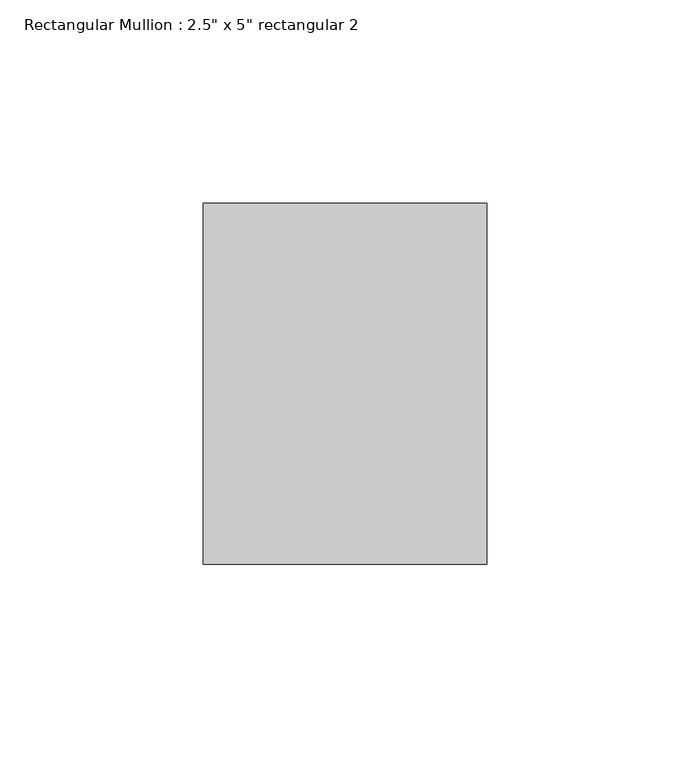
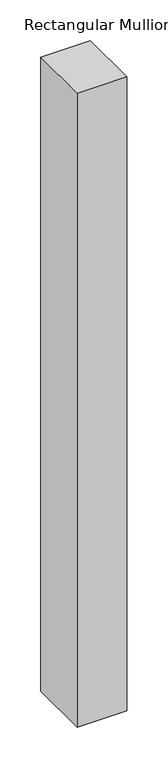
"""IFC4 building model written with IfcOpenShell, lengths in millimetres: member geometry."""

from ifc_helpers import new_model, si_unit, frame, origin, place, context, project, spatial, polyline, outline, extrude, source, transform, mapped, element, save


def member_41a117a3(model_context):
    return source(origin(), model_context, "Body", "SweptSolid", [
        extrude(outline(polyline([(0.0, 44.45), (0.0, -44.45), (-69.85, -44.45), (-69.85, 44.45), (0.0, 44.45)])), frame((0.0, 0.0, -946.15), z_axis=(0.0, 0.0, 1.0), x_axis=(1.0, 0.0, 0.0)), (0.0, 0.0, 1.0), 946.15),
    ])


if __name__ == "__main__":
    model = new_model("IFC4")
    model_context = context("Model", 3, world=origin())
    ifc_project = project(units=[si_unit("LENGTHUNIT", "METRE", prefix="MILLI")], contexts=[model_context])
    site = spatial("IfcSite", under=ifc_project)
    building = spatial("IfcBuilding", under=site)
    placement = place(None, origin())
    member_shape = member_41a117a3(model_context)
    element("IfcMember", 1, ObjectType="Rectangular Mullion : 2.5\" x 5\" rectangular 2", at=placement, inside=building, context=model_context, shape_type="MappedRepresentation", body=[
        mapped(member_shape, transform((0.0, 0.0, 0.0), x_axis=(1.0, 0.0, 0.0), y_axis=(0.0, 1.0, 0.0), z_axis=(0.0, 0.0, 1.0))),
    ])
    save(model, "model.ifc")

---------------

Give the listing again exactly, but omit each image.

_Answer to the exercise_
"""IFC4 building model written with IfcOpenShell, lengths in millimetres: member geometry."""

from ifc_helpers import new_model, si_unit, frame, origin, place, context, project, spatial, polyline, outline, extrude, source, transform, mapped, element, save


def member_41a117a3(model_context):
    return source(origin(), model_context, "Body", "SweptSolid", [
        extrude(outline(polyline([(0.0, 44.45), (0.0, -44.45), (-69.85, -44.45), (-69.85, 44.45), (0.0, 44.45)])), frame((0.0, 0.0, -946.15), z_axis=(0.0, 0.0, 1.0), x_axis=(1.0, 0.0, 0.0)), (0.0, 0.0, 1.0), 946.15),
    ])


if __name__ == "__main__":
    model = new_model("IFC4")
    model_context = context("Model", 3, world=origin())
    ifc_project = project(units=[si_unit("LENGTHUNIT", "METRE", prefix="MILLI")], contexts=[model_context])
    site = spatial("IfcSite", under=ifc_project)
    building = spatial("IfcBuilding", under=site)
    placement = place(None, origin())
    member_shape = member_41a117a3(model_context)
    element("IfcMember", 1, ObjectType="Rectangular Mullion : 2.5\" x 5\" rectangular 2", at=placement, inside=building, context=model_context, shape_type="MappedRepresentation", body=[
        mapped(member_shape, transform((0.0, 0.0, 0.0), x_axis=(1.0, 0.0, 0.0), y_axis=(0.0, 1.0, 0.0), z_axis=(0.0, 0.0, 1.0))),
    ])
    save(model, "model.ifc")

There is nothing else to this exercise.